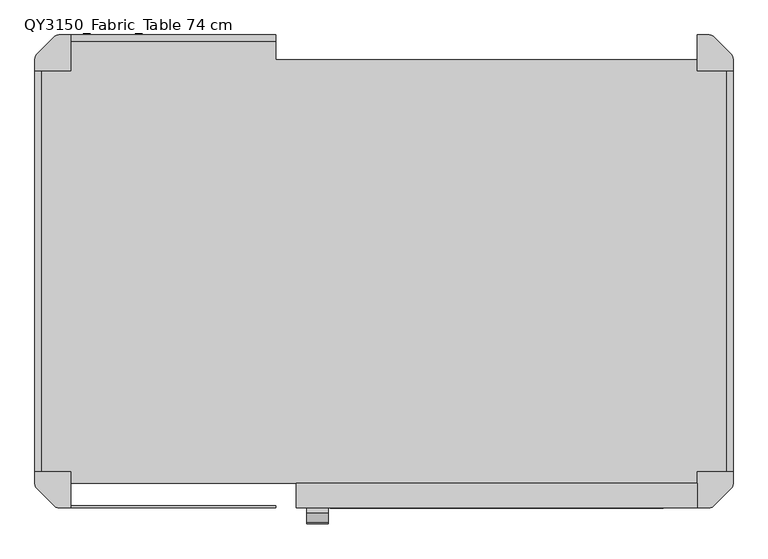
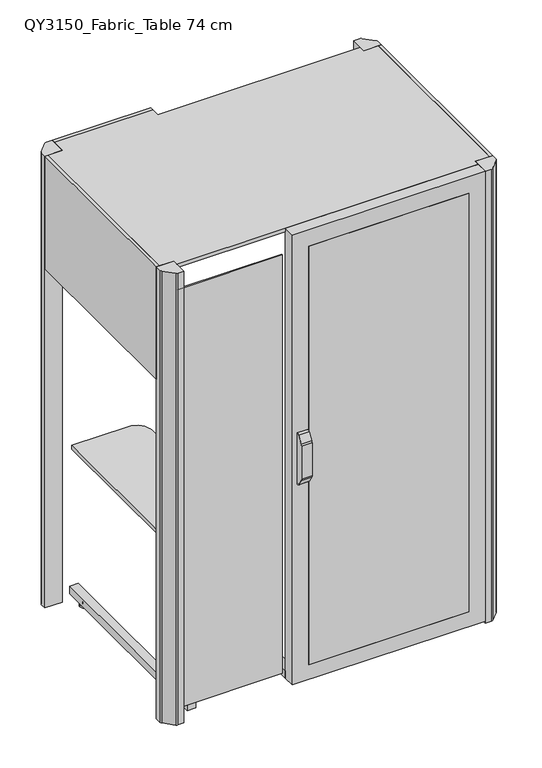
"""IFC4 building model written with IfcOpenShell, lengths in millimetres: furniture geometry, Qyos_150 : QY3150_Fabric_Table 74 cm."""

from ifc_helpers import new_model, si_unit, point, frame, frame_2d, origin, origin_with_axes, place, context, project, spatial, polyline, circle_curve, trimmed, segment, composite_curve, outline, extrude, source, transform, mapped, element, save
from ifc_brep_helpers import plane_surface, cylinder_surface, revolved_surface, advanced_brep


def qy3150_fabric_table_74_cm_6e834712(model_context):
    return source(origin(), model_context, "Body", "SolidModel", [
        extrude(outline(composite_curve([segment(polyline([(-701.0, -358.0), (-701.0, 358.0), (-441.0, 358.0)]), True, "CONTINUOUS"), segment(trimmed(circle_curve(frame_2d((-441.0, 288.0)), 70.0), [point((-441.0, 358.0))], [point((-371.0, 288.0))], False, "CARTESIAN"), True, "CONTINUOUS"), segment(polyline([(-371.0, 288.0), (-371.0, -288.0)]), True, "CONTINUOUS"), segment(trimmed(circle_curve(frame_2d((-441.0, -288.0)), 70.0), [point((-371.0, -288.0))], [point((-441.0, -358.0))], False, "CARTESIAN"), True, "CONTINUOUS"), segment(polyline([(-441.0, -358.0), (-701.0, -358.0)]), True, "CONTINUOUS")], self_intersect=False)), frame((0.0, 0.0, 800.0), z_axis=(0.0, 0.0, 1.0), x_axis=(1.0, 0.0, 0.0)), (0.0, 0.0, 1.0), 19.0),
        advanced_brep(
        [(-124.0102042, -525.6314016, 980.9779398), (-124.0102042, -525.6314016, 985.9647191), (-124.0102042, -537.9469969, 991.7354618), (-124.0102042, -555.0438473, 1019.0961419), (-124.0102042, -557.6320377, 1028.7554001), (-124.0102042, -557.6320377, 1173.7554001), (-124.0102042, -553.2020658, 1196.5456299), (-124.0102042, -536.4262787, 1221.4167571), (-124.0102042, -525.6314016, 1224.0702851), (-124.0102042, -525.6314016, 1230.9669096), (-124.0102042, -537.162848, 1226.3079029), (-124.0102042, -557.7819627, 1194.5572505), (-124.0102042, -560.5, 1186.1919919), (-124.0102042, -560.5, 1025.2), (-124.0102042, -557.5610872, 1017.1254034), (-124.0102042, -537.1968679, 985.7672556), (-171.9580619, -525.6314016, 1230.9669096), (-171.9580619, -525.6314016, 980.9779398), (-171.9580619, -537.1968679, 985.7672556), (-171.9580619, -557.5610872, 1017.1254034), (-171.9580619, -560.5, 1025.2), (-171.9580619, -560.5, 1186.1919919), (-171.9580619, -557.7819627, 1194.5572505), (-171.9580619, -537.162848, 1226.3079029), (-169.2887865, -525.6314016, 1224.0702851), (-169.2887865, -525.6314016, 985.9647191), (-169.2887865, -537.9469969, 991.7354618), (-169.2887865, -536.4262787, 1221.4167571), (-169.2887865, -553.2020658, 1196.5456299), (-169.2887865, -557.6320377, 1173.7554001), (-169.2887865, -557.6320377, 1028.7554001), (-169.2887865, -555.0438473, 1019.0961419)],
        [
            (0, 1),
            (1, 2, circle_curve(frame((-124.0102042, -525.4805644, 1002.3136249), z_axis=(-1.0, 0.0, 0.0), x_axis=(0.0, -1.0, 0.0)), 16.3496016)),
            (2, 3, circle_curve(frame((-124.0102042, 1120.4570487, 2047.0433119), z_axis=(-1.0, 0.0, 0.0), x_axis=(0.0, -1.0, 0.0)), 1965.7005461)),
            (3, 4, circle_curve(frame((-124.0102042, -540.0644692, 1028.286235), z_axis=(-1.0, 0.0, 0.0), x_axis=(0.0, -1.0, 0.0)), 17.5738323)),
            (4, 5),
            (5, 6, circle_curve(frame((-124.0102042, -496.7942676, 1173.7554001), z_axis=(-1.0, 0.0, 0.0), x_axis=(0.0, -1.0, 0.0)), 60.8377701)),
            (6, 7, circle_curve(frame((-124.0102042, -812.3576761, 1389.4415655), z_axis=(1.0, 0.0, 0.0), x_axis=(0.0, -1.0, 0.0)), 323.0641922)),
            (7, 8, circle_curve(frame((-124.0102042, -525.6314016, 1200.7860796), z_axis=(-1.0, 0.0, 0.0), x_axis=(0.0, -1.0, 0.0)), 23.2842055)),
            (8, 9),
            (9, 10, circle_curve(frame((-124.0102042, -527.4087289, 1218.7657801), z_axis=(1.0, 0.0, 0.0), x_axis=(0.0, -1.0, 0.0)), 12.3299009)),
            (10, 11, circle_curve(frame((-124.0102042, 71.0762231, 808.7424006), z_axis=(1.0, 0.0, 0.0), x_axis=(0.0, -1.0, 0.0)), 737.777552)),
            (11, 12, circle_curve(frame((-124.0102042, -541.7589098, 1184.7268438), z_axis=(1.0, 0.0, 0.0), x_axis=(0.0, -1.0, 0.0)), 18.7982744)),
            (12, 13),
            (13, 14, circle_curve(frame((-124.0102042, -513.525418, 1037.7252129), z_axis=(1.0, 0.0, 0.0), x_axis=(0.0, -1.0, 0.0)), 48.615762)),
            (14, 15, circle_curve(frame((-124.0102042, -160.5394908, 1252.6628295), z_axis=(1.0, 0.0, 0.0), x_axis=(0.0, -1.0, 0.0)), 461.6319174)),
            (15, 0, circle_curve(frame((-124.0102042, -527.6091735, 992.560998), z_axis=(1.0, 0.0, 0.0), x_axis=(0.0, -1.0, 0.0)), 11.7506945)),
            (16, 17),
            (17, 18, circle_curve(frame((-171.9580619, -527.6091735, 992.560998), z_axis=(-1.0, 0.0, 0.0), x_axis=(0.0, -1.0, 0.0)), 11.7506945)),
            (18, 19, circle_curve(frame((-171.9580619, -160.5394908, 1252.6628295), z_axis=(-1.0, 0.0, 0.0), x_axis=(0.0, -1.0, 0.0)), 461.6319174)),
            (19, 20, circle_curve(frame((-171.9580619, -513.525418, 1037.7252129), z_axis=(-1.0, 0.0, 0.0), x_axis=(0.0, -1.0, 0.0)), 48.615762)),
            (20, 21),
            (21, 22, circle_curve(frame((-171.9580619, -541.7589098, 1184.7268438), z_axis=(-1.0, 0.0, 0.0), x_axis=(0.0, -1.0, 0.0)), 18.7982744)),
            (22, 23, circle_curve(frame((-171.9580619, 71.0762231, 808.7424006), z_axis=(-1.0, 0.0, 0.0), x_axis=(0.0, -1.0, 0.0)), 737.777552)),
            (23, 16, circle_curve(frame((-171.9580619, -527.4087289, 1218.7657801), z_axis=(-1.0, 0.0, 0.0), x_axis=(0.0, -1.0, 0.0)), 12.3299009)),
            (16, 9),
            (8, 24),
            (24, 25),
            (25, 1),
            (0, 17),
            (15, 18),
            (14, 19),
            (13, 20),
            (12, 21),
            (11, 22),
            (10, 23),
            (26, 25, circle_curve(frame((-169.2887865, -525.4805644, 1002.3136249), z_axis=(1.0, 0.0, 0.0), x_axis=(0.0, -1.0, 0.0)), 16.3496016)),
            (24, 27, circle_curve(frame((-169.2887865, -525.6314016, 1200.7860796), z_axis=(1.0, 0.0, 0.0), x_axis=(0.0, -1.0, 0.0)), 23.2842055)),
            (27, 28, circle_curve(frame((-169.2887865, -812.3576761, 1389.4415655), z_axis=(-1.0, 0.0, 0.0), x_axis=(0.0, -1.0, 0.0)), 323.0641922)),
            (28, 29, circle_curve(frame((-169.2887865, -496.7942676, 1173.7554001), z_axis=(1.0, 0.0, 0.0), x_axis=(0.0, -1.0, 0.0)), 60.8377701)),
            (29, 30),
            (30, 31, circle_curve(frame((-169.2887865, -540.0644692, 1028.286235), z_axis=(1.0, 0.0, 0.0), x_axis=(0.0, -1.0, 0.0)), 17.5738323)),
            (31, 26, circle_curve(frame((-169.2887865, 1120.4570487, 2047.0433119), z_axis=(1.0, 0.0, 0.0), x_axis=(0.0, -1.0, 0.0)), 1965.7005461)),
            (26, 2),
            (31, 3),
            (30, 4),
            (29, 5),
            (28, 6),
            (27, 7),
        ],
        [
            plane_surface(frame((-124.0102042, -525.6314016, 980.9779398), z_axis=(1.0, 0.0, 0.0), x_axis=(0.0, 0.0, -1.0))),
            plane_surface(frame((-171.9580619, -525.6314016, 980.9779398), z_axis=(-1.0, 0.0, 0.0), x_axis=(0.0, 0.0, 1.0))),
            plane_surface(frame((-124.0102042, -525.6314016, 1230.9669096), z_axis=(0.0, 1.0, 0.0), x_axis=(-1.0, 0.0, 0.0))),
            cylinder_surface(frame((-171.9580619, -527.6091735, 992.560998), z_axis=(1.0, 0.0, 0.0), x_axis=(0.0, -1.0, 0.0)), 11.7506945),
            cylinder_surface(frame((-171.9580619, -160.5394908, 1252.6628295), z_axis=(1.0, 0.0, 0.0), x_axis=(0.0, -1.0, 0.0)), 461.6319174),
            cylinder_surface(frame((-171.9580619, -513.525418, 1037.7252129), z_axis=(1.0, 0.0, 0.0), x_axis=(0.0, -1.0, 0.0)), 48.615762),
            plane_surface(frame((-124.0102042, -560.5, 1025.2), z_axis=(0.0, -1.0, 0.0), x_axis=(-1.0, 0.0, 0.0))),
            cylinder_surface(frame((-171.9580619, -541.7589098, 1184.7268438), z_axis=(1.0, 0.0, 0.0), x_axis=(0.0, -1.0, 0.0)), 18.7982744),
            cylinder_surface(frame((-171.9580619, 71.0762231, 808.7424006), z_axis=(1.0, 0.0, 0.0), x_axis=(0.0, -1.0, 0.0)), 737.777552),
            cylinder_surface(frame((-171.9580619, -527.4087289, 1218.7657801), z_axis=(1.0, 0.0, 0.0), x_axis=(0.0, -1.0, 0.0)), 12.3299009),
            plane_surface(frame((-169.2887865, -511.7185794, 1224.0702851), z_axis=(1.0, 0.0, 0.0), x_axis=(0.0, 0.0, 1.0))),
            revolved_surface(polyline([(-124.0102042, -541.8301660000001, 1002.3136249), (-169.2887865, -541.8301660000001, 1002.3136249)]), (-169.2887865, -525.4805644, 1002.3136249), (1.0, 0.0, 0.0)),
● ● ● ● ●
**Directions:**
Would you filter the records and copy each line that contains the word "outline"?

**Result for this task:**
from ifc_helpers import new_model, si_unit, point, frame, frame_2d, origin, origin_with_axes, place, context, project, spatial, polyline, circle_curve, trimmed, segment, composite_curve, outline, extrude, source, transform, mapped, element, save
        extrude(outline(composite_curve([segment(polyline([(-701.0, -358.0), (-701.0, 358.0), (-441.0, 358.0)]), True, "CONTINUOUS"), segment(trimmed(circle_curve(frame_2d((-441.0, 288.0)), 70.0), [point((-441.0, 358.0))], [point((-371.0, 288.0))], False, "CARTESIAN"), True, "CONTINUOUS"), segment(polyline([(-371.0, 288.0), (-371.0, -288.0)]), True, "CONTINUOUS"), segment(trimmed(circle_curve(frame_2d((-441.0, -288.0)), 70.0), [point((-371.0, -288.0))], [point((-441.0, -358.0))], False, "CARTESIAN"), True, "CONTINUOUS"), segment(polyline([(-441.0, -358.0), (-701.0, -358.0)]), True, "CONTINUOUS")], self_intersect=False)), frame((0.0, 0.0, 800.0), z_axis=(0.0, 0.0, 1.0), x_axis=(1.0, 0.0, 0.0)), (0.0, 0.0, 1.0), 19.0),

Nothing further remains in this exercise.